ACTIVITY: A complete, exact copy of the records is needed here.

AVAILABLE RECORDS:
━━━━━━━━━━━━━━━━━━━━━━━━━━━━━━
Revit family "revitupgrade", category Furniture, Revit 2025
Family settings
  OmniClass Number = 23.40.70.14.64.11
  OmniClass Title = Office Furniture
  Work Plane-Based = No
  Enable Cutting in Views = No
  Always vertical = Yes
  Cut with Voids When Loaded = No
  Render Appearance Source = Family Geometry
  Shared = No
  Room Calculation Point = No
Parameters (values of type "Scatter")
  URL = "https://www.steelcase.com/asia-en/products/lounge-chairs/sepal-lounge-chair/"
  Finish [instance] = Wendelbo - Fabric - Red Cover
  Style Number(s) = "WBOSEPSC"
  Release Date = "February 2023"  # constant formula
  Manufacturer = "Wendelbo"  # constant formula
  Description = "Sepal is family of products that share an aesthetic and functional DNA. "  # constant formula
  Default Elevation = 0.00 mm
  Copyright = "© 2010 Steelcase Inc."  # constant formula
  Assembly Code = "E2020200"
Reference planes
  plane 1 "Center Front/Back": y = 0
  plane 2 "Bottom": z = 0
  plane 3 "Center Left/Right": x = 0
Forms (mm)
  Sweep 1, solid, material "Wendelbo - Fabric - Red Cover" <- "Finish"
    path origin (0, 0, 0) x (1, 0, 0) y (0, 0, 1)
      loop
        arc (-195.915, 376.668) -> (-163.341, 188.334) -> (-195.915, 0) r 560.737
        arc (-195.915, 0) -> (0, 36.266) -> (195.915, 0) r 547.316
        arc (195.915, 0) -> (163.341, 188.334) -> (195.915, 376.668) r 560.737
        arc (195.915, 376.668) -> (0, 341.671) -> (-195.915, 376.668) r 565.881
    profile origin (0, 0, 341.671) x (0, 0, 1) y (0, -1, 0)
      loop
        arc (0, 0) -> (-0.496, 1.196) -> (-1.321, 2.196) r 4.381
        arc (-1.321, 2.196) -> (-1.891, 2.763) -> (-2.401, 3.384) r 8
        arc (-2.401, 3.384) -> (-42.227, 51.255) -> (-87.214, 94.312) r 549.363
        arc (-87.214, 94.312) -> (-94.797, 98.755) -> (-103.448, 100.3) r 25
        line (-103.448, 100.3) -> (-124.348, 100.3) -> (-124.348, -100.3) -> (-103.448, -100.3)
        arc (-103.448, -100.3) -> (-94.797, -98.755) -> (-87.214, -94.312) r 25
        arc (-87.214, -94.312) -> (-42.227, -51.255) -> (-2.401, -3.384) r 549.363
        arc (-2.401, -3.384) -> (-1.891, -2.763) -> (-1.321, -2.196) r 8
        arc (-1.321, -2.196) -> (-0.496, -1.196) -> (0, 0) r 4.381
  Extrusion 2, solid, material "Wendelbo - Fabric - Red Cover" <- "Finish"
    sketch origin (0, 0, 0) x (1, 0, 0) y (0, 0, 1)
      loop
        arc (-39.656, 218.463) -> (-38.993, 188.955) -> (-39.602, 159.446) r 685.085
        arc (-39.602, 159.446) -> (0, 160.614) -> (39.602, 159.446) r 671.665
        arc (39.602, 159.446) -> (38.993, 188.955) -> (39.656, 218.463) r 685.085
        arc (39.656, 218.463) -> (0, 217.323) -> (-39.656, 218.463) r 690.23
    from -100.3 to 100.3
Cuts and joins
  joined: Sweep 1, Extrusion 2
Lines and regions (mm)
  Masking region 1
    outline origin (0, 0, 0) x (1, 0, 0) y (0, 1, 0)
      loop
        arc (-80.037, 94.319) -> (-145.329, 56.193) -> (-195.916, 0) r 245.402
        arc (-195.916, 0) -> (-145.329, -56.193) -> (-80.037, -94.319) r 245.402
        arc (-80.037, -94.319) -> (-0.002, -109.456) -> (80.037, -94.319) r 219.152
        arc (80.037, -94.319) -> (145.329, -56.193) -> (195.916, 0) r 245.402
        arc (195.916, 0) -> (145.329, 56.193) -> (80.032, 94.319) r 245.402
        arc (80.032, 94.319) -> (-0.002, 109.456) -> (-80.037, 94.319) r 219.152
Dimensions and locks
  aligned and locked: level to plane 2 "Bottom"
━━━━━━━━━━━━━━━━━━━━━━━━━━━━━━
EXERCISE RESULT:
Revit family "revitupgrade", category Furniture, Revit 2025
Family settings
  OmniClass Number = 23.40.70.14.64.11
  OmniClass Title = Office Furniture
  Work Plane-Based = No
  Enable Cutting in Views = No
  Always vertical = Yes
  Cut with Voids When Loaded = No
  Render Appearance Source = Family Geometry
  Shared = No
  Room Calculation Point = No
Parameters (values of type "Scatter")
  URL = "https://www.steelcase.com/asia-en/products/lounge-chairs/sepal-lounge-chair/"
  Finish [instance] = Wendelbo - Fabric - Red Cover
  Style Number(s) = "WBOSEPSC"
  Release Date = "February 2023"  # constant formula
  Manufacturer = "Wendelbo"  # constant formula
  Description = "Sepal is family of products that share an aesthetic and functional DNA. "  # constant formula
  Default Elevation = 0.00 mm
  Copyright = "© 2010 Steelcase Inc."  # constant formula
  Assembly Code = "E2020200"
Reference planes
  plane 1 "Center Front/Back": y = 0
  plane 2 "Bottom": z = 0
  plane 3 "Center Left/Right": x = 0
Forms (mm)
  Sweep 1, solid, material "Wendelbo - Fabric - Red Cover" <- "Finish"
    path origin (0, 0, 0) x (1, 0, 0) y (0, 0, 1)
      loop
        arc (-195.915, 376.668) -> (-163.341, 188.334) -> (-195.915, 0) r 560.737
        arc (-195.915, 0) -> (0, 36.266) -> (195.915, 0) r 547.316
        arc (195.915, 0) -> (163.341, 188.334) -> (195.915, 376.668) r 560.737
        arc (195.915, 376.668) -> (0, 341.671) -> (-195.915, 376.668) r 565.881
    profile origin (0, 0, 341.671) x (0, 0, 1) y (0, -1, 0)
      loop
        arc (0, 0) -> (-0.496, 1.196) -> (-1.321, 2.196) r 4.381
        arc (-1.321, 2.196) -> (-1.891, 2.763) -> (-2.401, 3.384) r 8
        arc (-2.401, 3.384) -> (-42.227, 51.255) -> (-87.214, 94.312) r 549.363
        arc (-87.214, 94.312) -> (-94.797, 98.755) -> (-103.448, 100.3) r 25
        line (-103.448, 100.3) -> (-124.348, 100.3) -> (-124.348, -100.3) -> (-103.448, -100.3)
        arc (-103.448, -100.3) -> (-94.797, -98.755) -> (-87.214, -94.312) r 25
        arc (-87.214, -94.312) -> (-42.227, -51.255) -> (-2.401, -3.384) r 549.363
        arc (-2.401, -3.384) -> (-1.891, -2.763) -> (-1.321, -2.196) r 8
        arc (-1.321, -2.196) -> (-0.496, -1.196) -> (0, 0) r 4.381
  Extrusion 2, solid, material "Wendelbo - Fabric - Red Cover" <- "Finish"
    sketch origin (0, 0, 0) x (1, 0, 0) y (0, 0, 1)
      loop
        arc (-39.656, 218.463) -> (-38.993, 188.955) -> (-39.602, 159.446) r 685.085
        arc (-39.602, 159.446) -> (0, 160.614) -> (39.602, 159.446) r 671.665
        arc (39.602, 159.446) -> (38.993, 188.955) -> (39.656, 218.463) r 685.085
        arc (39.656, 218.463) -> (0, 217.323) -> (-39.656, 218.463) r 690.23
    from -100.3 to 100.3
Cuts and joins
  joined: Sweep 1, Extrusion 2
Lines and regions (mm)
  Masking region 1
    outline origin (0, 0, 0) x (1, 0, 0) y (0, 1, 0)
      loop
        arc (-80.037, 94.319) -> (-145.329, 56.193) -> (-195.916, 0) r 245.402
        arc (-195.916, 0) -> (-145.329, -56.193) -> (-80.037, -94.319) r 245.402
        arc (-80.037, -94.319) -> (-0.002, -109.456) -> (80.037, -94.319) r 219.152
        arc (80.037, -94.319) -> (145.329, -56.193) -> (195.916, 0) r 245.402
        arc (195.916, 0) -> (145.329, 56.193) -> (80.032, 94.319) r 245.402
        arc (80.032, 94.319) -> (-0.002, 109.456) -> (-80.037, 94.319) r 219.152
Dimensions and locks
  aligned and locked: level to plane 2 "Bottom"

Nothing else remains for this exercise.